Solar wind proton deceleration at higher altitude above lunar magnetic anomalies

We study interaction between the solar wind (SW) flow and lunar magnetic anomalies using SELENE (Kaguya) data. Our recent study showed that incident SW protons are decelerated at low altitude (say, ∼25 km) above strong magnetic anomalies, and that SW protons are less or not affected by the magnetic anomalies at higher altitude (∼100 km). Here we report that SW protons are decelerated above strong and wide magnetic anomaly region even at the higher altitude under specific SW conditions of high density and strong interplanetary magnetic field (IMF). One might imagine that the high dynamic pressure of the SW flow compresses the magnetic anomalies on the lunar dayside to make them less effective at higher altitude. However, what is often observed there under the high SW dynamic pressure and strong IMF is magnetic enhancement that is at times accompanied by the deceleration of the incident SW protons.

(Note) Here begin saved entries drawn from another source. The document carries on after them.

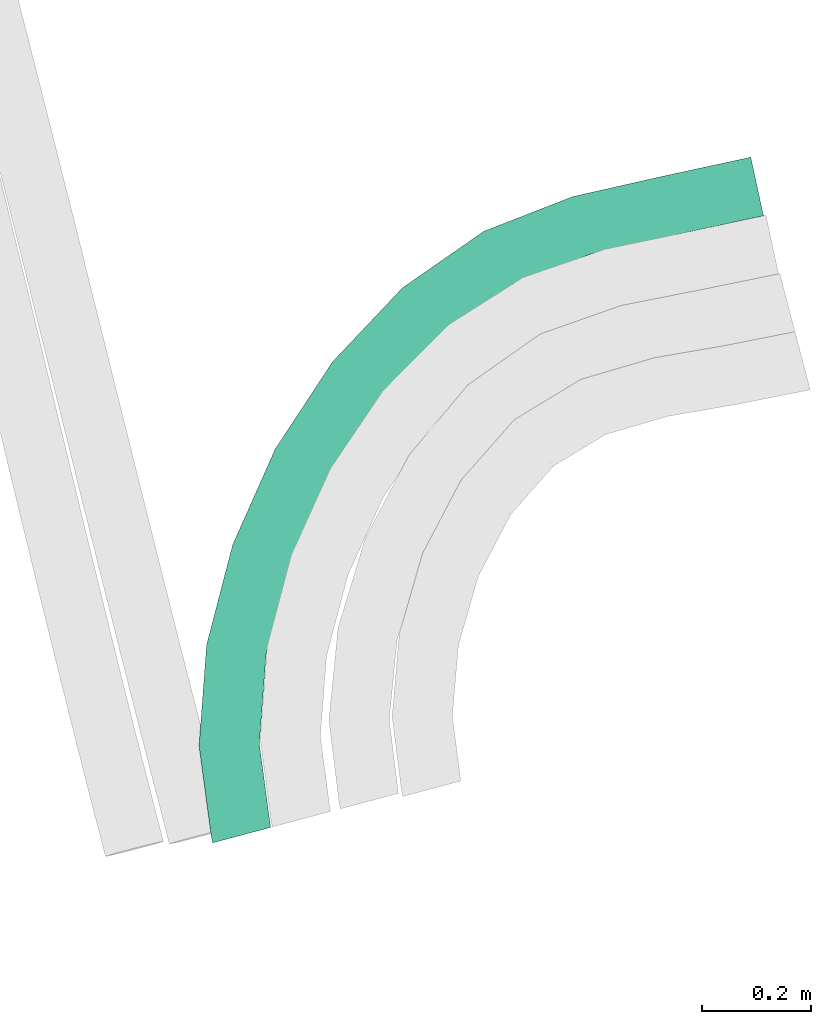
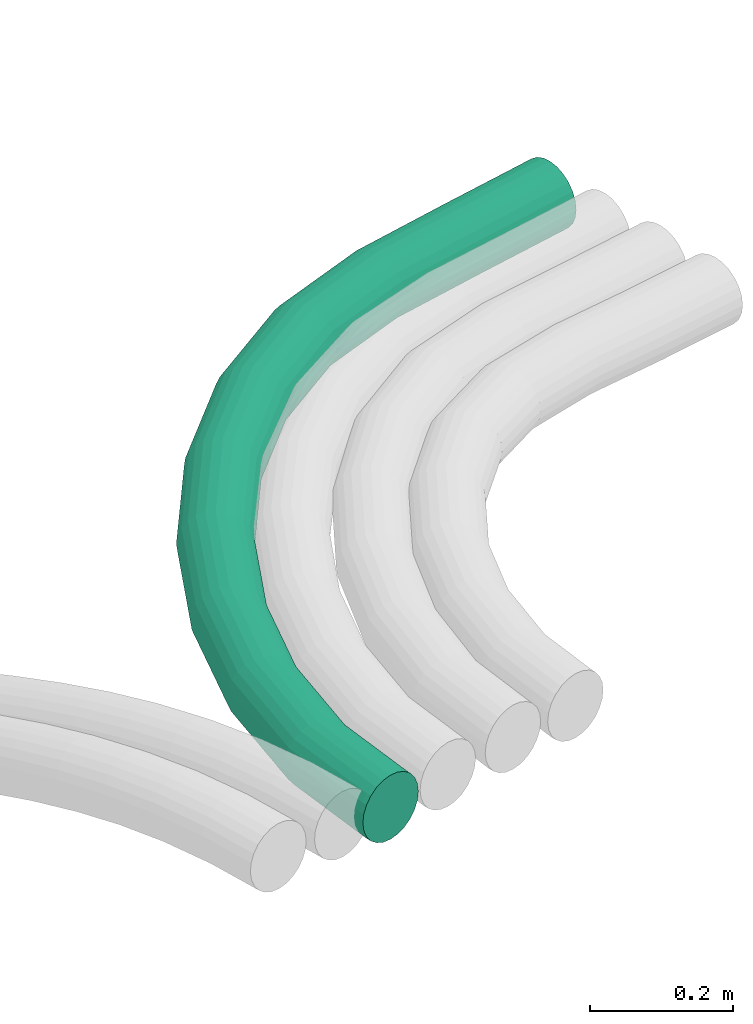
# One storey, part 2 of 6: 1 flow segment.
"""IFC2X3 building model written with IfcOpenShell, lengths in centimetres."""

from ifc_helpers import new_model, entity, si_unit, converted_unit, derived_unit, direction, frame, origin, place, context, subcontext, project, spatial, faceted_brep, type_object, element, save


model = new_model("IFC2X3")

# Units and contexts
model_context = context("Model", 3, precision=0.001, world=origin(), true_north=direction((6.12303176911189e-17, 1.0)))
body_context = subcontext(model_context, "Body", "Model", "MODEL_VIEW")
ifc_project = project(units=[si_unit("LENGTHUNIT", "METRE", prefix="CENTI"), si_unit("AREAUNIT", "SQUARE_METRE"), si_unit("VOLUMEUNIT", "CUBIC_METRE"), converted_unit("PLANEANGLEUNIT", "DEGREE", entity("IfcRatioMeasure", 0.0174532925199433), si_unit("PLANEANGLEUNIT", "RADIAN"), dimensions=[0, 0, 0, 0, 0, 0, 0]), si_unit("MASSUNIT", "GRAM", prefix="KILO"), derived_unit("MASSDENSITYUNIT", [(si_unit("MASSUNIT", "GRAM", prefix="KILO"), 1), (si_unit("LENGTHUNIT", "METRE"), -3)]), si_unit("TIMEUNIT", "SECOND"), si_unit("FREQUENCYUNIT", "HERTZ"), si_unit("THERMODYNAMICTEMPERATUREUNIT", "DEGREE_CELSIUS"), derived_unit("THERMALTRANSMITTANCEUNIT", [(si_unit("MASSUNIT", "GRAM", prefix="KILO"), 1), (si_unit("THERMODYNAMICTEMPERATUREUNIT", "KELVIN"), -1), (si_unit("TIMEUNIT", "SECOND"), -3)]), derived_unit("VOLUMETRICFLOWRATEUNIT", [(si_unit("LENGTHUNIT", "METRE"), 3), (si_unit("TIMEUNIT", "SECOND"), -1)]), si_unit("ELECTRICCURRENTUNIT", "AMPERE"), si_unit("ELECTRICVOLTAGEUNIT", "VOLT"), si_unit("POWERUNIT", "WATT"), si_unit("FORCEUNIT", "NEWTON"), si_unit("ILLUMINANCEUNIT", "LUX"), si_unit("LUMINOUSFLUXUNIT", "LUMEN"), si_unit("LUMINOUSINTENSITYUNIT", "CANDELA"), derived_unit("USERDEFINED", [(si_unit("MASSUNIT", "GRAM", prefix="KILO"), -1), (si_unit("LENGTHUNIT", "METRE"), -2), (si_unit("TIMEUNIT", "SECOND"), 3), (si_unit("LUMINOUSFLUXUNIT", "LUMEN"), 1)]), derived_unit("LINEARVELOCITYUNIT", [(si_unit("LENGTHUNIT", "METRE"), 1), (si_unit("TIMEUNIT", "SECOND"), -1)]), si_unit("PRESSUREUNIT", "PASCAL"), derived_unit("USERDEFINED", [(si_unit("LENGTHUNIT", "METRE"), -2), (si_unit("MASSUNIT", "GRAM", prefix="KILO"), 1), (si_unit("TIMEUNIT", "SECOND"), -2)])], contexts=[model_context])

# Site, building, storey
site_placement = place(None, origin())
site = spatial("IfcSite", under=ifc_project, at=site_placement, Name="Default", CompositionType="ELEMENT")
building_placement = place(site_placement, origin())
building = spatial("IfcBuilding", under=site, at=building_placement, Name="CAGE 03", CompositionType="ELEMENT")
storey_placement = place(building_placement, frame((0.0, 0.0, -23.0)))
storey = spatial("IfcBuildingStorey", under=building, at=storey_placement, Name="+3.77", CompositionType="ELEMENT", Elevation=-23.0000000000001)

# Flow segment
duct_segment_type = type_object("IfcDuctSegmentType", Name="Gaine flexible circulaire:Flex - Round", PredefinedType="FLEXIBLESEGMENT")
flow_segment_placement = place(storey_placement, frame((11579.2379252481, 3539.1954442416, -79.1595272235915)))
element("IfcFlowSegment", 1, at=flow_segment_placement, inside=storey, type_object=duct_segment_type, Name="Gaine flexible circulaire:Flex - Round", ObjectType="Gaine flexible circulaire:Flex - Round", context=body_context, shape_type="Brep", body=[
    faceted_brep([(4.22902549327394, 0.573686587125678, 9.54861452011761), (3.38435360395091, 0.348971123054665, 8.4095272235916), (2.85337065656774, 0.207709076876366, 7.08303197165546), (2.67226226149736, 0.15952722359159, 5.6595272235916), (2.85337065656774, 0.207709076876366, 4.23602247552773), (3.38435360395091, 0.348971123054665, 2.9095272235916), (4.22902549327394, 0.573686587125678, 1.77043992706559), (5.32982333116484, 0.866541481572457, 0.896387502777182), (6.61172956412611, 1.20757822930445, 0.346935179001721), (7.98738440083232, 1.57355573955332, 0.159527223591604), (9.36303923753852, 1.9395332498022, 0.346935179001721), (10.6449454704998, 2.28056999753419, 0.896387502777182), (11.7457433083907, 2.57342489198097, 1.77043992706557), (12.5904151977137, 2.79814035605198, 2.90952722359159), (13.1213981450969, 2.93940240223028, 4.23602247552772), (13.3025065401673, 2.98758425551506, 5.65952722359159), (13.1213981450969, 2.93940240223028, 7.08303197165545), (12.5904151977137, 2.79814035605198, 8.40952722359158), (11.7457433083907, 2.57342489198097, 9.5486145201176), (10.6449454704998, 2.28056999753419, 10.422666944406), (9.36303923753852, 1.9395332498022, 10.9721192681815), (7.98738440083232, 1.57355573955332, 11.1595272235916), (6.61172956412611, 1.20757822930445, 10.9721192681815), (5.32982333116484, 0.866541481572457, 10.422666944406), (2.43871392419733, 1.03740056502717, 5.65952722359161), (2.62286935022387, 1.07412908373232, 4.2360224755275), (3.16278574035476, 1.1818116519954, 2.90952722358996), (4.02166868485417, 1.35310988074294, 1.77043992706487), (5.14098673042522, 1.57635007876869, 0.896387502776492), (6.44446020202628, 1.83631879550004, 0.346935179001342), (7.84325953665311, 2.11529959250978, 0.159527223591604), (9.24205887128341, 2.39428038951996, 0.346935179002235), (10.5455323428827, 2.65424910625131, 0.896387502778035), (11.6648503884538, 2.87748930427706, 1.77043992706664), (13.0636497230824, 3.15647010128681, 4.23602247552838), (13.2478051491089, 3.19319861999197, 5.65952722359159), (12.5237333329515, 3.04878753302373, 2.90952722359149), (12.5237333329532, 3.04878753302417, 8.40952722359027), (11.6648503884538, 2.87748930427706, 9.54861452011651), (13.0636497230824, 3.15647010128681, 7.08303197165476), (9.24205887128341, 2.39428038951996, 10.9721192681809), (7.84325953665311, 2.11529959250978, 11.1595272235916), (10.5455323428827, 2.65424910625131, 10.4226669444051), (6.44446020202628, 1.83631879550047, 10.9721192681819), (5.14098673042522, 1.57635007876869, 10.4226669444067), (4.02166868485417, 1.35310988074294, 9.54861452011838), (3.16278574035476, 1.1818116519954, 8.40952722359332), (2.62286935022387, 1.07412908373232, 7.08303197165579), (101.275036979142, 125.828629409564, 5.65952722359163), (101.31472021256, 125.645471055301, 7.08303197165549), (101.431065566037, 125.10847793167, 8.40952722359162), (101.616144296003, 124.254245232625, 9.54861452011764), (101.857343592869, 123.140987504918, 10.422666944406), (102.138226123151, 121.844571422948, 10.9721192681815), (102.439650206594, 120.453345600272, 11.1595272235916), (102.741074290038, 119.062119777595, 10.9721192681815), (103.02195682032, 117.765703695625, 10.422666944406), (103.263156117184, 116.652445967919, 9.54861452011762), (103.44823484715, 115.798213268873, 8.40952722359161), (103.564580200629, 115.261220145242, 7.08303197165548), (103.604263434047, 115.078061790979, 5.65952722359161), (103.564580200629, 115.261220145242, 4.23602247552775), (103.44823484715, 115.798213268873, 2.90952722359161), (103.263156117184, 116.652445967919, 1.7704399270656), (103.02195682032, 117.765703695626, 0.896387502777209), (102.741074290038, 119.062119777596, 0.346935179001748), (102.439650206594, 120.453345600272, 0.159527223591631), (102.138226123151, 121.844571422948, 0.346935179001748), (101.857343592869, 123.140987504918, 0.896387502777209), (101.616144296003, 124.254245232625, 1.77043992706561), (101.431065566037, 125.10847793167, 2.90952722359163), (101.31472021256, 125.645471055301, 4.23602247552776), (0.15952722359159, 17.9822303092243, 5.65952722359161), (0.347878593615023, 17.9877636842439, 4.23602247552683), (0.90009686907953, 18.0039867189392, 2.90952722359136), (1.7785492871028, 18.0297938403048, 1.77043992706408), (2.923370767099, 18.0634263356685, 0.896387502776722), (4.25654361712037, 18.1025922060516, 0.346935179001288), (5.68721431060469, 18.1446223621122, 0.159527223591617), (7.11788500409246, 18.1866525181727, 0.346935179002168), (8.4510578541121, 18.2258183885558, 0.89638750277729), (9.59587933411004, 18.2594508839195, 1.77043992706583), (10.4743317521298, 18.2852580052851, 2.90952722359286), (11.0265500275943, 18.30148103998, 4.23602247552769), (11.2149013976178, 18.3070144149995, 5.6595272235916), (11.0265500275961, 18.30148103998, 7.08303197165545), (10.4743317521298, 18.2852580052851, 8.4095272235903), (9.59587933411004, 18.2594508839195, 9.54861452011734), (7.11788500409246, 18.1866525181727, 10.9721192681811), (5.68721431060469, 18.1446223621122, 11.1595272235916), (8.45105785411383, 18.2258183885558, 10.422666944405), (4.25654361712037, 18.1025922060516, 10.9721192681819), (2.923370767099, 18.0634263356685, 10.4226669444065), (1.7785492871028, 18.0297938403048, 9.54861452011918), (0.90009686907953, 18.0039867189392, 8.40952722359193), (0.347878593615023, 17.9877636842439, 7.08303197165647), (1.54788863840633, 36.4676848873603, 5.65952722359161), (1.73350290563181, 36.4367748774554, 4.23602247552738), (2.27769640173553, 36.3461513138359, 2.90952722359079), (3.14338323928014, 36.2019900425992, 1.77043992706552), (4.27156829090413, 36.0141154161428, 0.896387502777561), (5.5853676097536, 35.7953307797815, 0.346935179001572), (6.99524794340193, 35.5605459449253, 0.159527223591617), (8.40512827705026, 35.325761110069, 0.346935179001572), (9.71892759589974, 35.1069764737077, 0.896387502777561), (10.8471126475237, 34.9191018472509, 1.77043992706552), (11.7127994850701, 34.7749405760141, 2.90952722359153), (12.2569929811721, 34.6843170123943, 4.23602247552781), (12.4426072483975, 34.6534070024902, 5.6595272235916), (12.2569929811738, 34.6843170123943, 7.08303197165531), (11.7127994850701, 34.7749405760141, 8.40952722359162), (10.8471126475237, 34.9191018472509, 9.54861452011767), (8.40512827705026, 35.325761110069, 10.9721192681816), (6.99524794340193, 35.5605459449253, 11.1595272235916), (9.71892759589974, 35.1069764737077, 10.4226669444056), (5.5853676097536, 35.7953307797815, 10.9721192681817), (4.27156829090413, 36.0141154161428, 10.4226669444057), (3.14338323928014, 36.2019900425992, 9.54861452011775), (2.27769640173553, 36.3461513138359, 8.40952722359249), (1.73350290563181, 36.4367748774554, 7.0830319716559), (6.34002175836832, 54.846509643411, 5.65952722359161), (6.51749026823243, 54.7843589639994, 4.23602247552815), (7.037801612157, 54.6021423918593, 2.90952722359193), (7.86549743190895, 54.3122776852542, 1.77043992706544), (8.94417162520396, 53.9345186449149, 0.896387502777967), (10.2003143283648, 53.4946089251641, 0.346935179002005), (11.5483214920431, 53.022527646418, 0.159527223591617), (12.8963286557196, 52.5504463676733, 0.346935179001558), (14.1524713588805, 52.1105366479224, 0.896387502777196), (15.2311455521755, 51.7327776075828, 1.77043992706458), (16.0588413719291, 51.4429129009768, 2.90952722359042), (16.5791527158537, 51.2606963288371, 4.23602247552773), (16.7566212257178, 51.1985456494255, 5.6595272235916), (16.5791527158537, 51.2606963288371, 7.0830319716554), (16.0588413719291, 51.4429129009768, 8.40952722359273), (15.2311455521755, 51.7327776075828, 9.54861452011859), (12.8963286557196, 52.5504463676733, 10.9721192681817), (11.5483214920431, 53.022527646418, 11.1595272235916), (14.1524713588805, 52.1105366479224, 10.422666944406), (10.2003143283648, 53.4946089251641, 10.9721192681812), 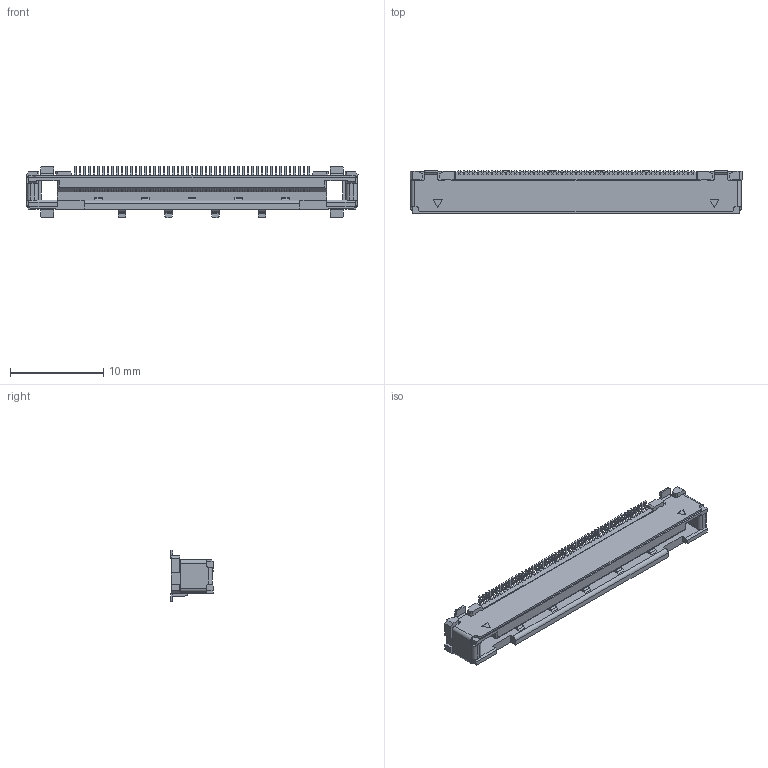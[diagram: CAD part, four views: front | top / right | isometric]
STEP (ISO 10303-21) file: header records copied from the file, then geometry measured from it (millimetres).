
FILE_DESCRIPTION(('CoCreate Modeling STEP Export'),'2;1');
FILE_NAME('P3A458_TMC01-51S-□.stp','2017-08-03T13:02:10',(''),(''),'CoCreate Modeling STEP processor for AP214 (Solid Model)','CoCreate Modeling 17.0B 09-Oct-2010 (C) Parametric Technology GmbH','');
FILE_SCHEMA(('AUTOMOTIVE_DESIGN { 1 0 10303 214 1 1 1 1 }'));
Products named in the file (2): P3A458_TMC01-51S-□
Assembly tree (1 placements, depth 2):
  P3A458_TMC01-51S-□
    P3A458_TMC01-51S-□
Bounding box: 35.54 x 4.53 x 5.55 mm (x, y, z)
Volume: 400 mm3; surface area: 969 mm2
Topology: 1 solids, 1 shells, 1976 faces, 5751 edges, 3833 vertices
Faces by surface type: plane 1593, cylinder 383
Entity records: 62586 total; most frequent: ORIENTED_EDGE 11502, CARTESIAN_POINT 11086, DIRECTION 9817, EDGE_CURVE 5751, VECTOR 4689, LINE 4689, VERTEX_POINT 3833, AXIS2_PLACEMENT_3D 2564
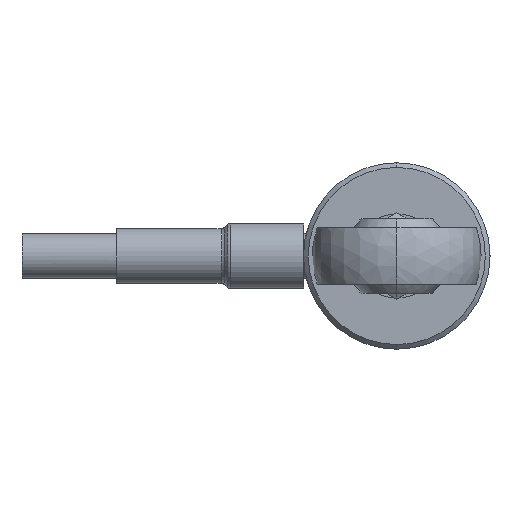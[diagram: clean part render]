
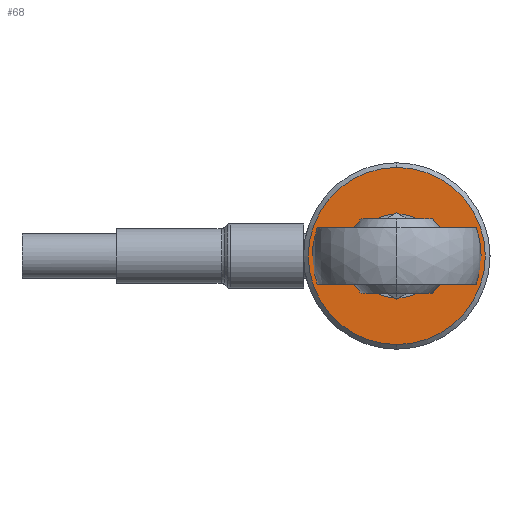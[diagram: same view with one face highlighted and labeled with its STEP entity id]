
A CAD part, left-side view. The second image highlights one B-rep face of the part: STEP entity #68.
In plain terms, the highlighted planar face has unit normal (-1, 0, 0).
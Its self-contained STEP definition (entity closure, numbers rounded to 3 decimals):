
#68 = ADVANCED_FACE ( 'NONE', ( #3737, #450 ), #2651, .F. ) ;
#88 = CARTESIAN_POINT ( 'NONE',  ( 0., 0., -4.5 ) ) ;
#184 = DIRECTION ( 'NONE',  ( 0., 0., -1. ) ) ;
#261 = CIRCLE ( 'NONE', #779, 4.5 ) ;
#345 = DIRECTION ( 'NONE',  ( 0., 0., -1. ) ) ;
#360 = DIRECTION ( 'NONE',  ( 1., 0., 0. ) ) ;
#450 = FACE_OUTER_BOUND ( 'NONE', #3038, .T. ) ;
#533 = CIRCLE ( 'NONE', #2633, 4.5 ) ;
#578 = CARTESIAN_POINT ( 'NONE',  ( 0., 0., 0. ) ) ;
#613 = CARTESIAN_POINT ( 'NONE',  ( 0., 0., 0. ) ) ;
#745 = AXIS2_PLACEMENT_3D ( 'NONE', #3685, #1718, #1698 ) ;
#779 = AXIS2_PLACEMENT_3D ( 'NONE', #578, #4209, #3219 ) ;
#800 = VERTEX_POINT ( 'NONE', #88 ) ;
#1063 = EDGE_LOOP ( 'NONE', ( #1545, #3022 ) ) ;
#1298 = AXIS2_PLACEMENT_3D ( 'NONE', #3621, #360, #345 ) ;
#1545 = ORIENTED_EDGE ( 'NONE', *, *, #3830, .F. ) ;
#1604 = DIRECTION ( 'NONE',  ( -1., 0., 0. ) ) ;
#1698 = DIRECTION ( 'NONE',  ( 0., 0., -1. ) ) ;
#1718 = DIRECTION ( 'NONE',  ( -1., 0., 0. ) ) ;
#1849 = ORIENTED_EDGE ( 'NONE', *, *, #3311, .T. ) ;
#1866 = CARTESIAN_POINT ( 'NONE',  ( 0., 0., 0. ) ) ;
#2001 = ORIENTED_EDGE ( 'NONE', *, *, #2691, .T. ) ;
#2171 = DIRECTION ( 'NONE',  ( -1., 0., 0. ) ) ;
#2422 = VERTEX_POINT ( 'NONE', #3842 ) ;
#2622 = CIRCLE ( 'NONE', #3634, 9.45 ) ;
#2633 = AXIS2_PLACEMENT_3D ( 'NONE', #1866, #2171, #184 ) ;
#2651 = PLANE ( 'NONE',  #1298 ) ;
#2691 = EDGE_CURVE ( 'NONE', #3300, #3743, #2849, .T. ) ;
#2849 = CIRCLE ( 'NONE', #745, 9.45 ) ;
#2908 = DIRECTION ( 'NONE',  ( 0., 0., -1. ) ) ;
#2940 = EDGE_CURVE ( 'NONE', #2422, #800, #533, .T. ) ;
#3022 = ORIENTED_EDGE ( 'NONE', *, *, #2940, .F. ) ;
#3038 = EDGE_LOOP ( 'NONE', ( #2001, #1849 ) ) ;
#3219 = DIRECTION ( 'NONE',  ( 0., 0., -1. ) ) ;
#3300 = VERTEX_POINT ( 'NONE', #3865 ) ;
#3311 = EDGE_CURVE ( 'NONE', #3743, #3300, #2622, .T. ) ;
#3468 = CARTESIAN_POINT ( 'NONE',  ( 0., 0., 9.45 ) ) ;
#3621 = CARTESIAN_POINT ( 'NONE',  ( 0., 0., 0. ) ) ;
#3634 = AXIS2_PLACEMENT_3D ( 'NONE', #613, #1604, #2908 ) ;
#3685 = CARTESIAN_POINT ( 'NONE',  ( 0., 0., 0. ) ) ;
#3737 = FACE_BOUND ( 'NONE', #1063, .T. ) ;
#3743 = VERTEX_POINT ( 'NONE', #3468 ) ;
#3830 = EDGE_CURVE ( 'NONE', #800, #2422, #261, .T. ) ;
#3842 = CARTESIAN_POINT ( 'NONE',  ( 0., 0., 4.5 ) ) ;
#3865 = CARTESIAN_POINT ( 'NONE',  ( 0., 0., -9.45 ) ) ;
#4209 = DIRECTION ( 'NONE',  ( -1., 0., 0. ) ) ;

The spatial scale of the deceleration region at the low altitude under normal SW condition is about 150 km that corresponds to the local magnetic structure of each magnetic anomaly, while the deceleration at the high altitude is observed in a wider region (500-1000 km) over the strong magnetic anomalies, which suggests that a lot of magnetic anomalies work correctively when magnetic pile-up takes place above them. We will discuss mechanisms of magnetic pile-up above the magnetic anomalies and SW proton deceleration at the higher altitude.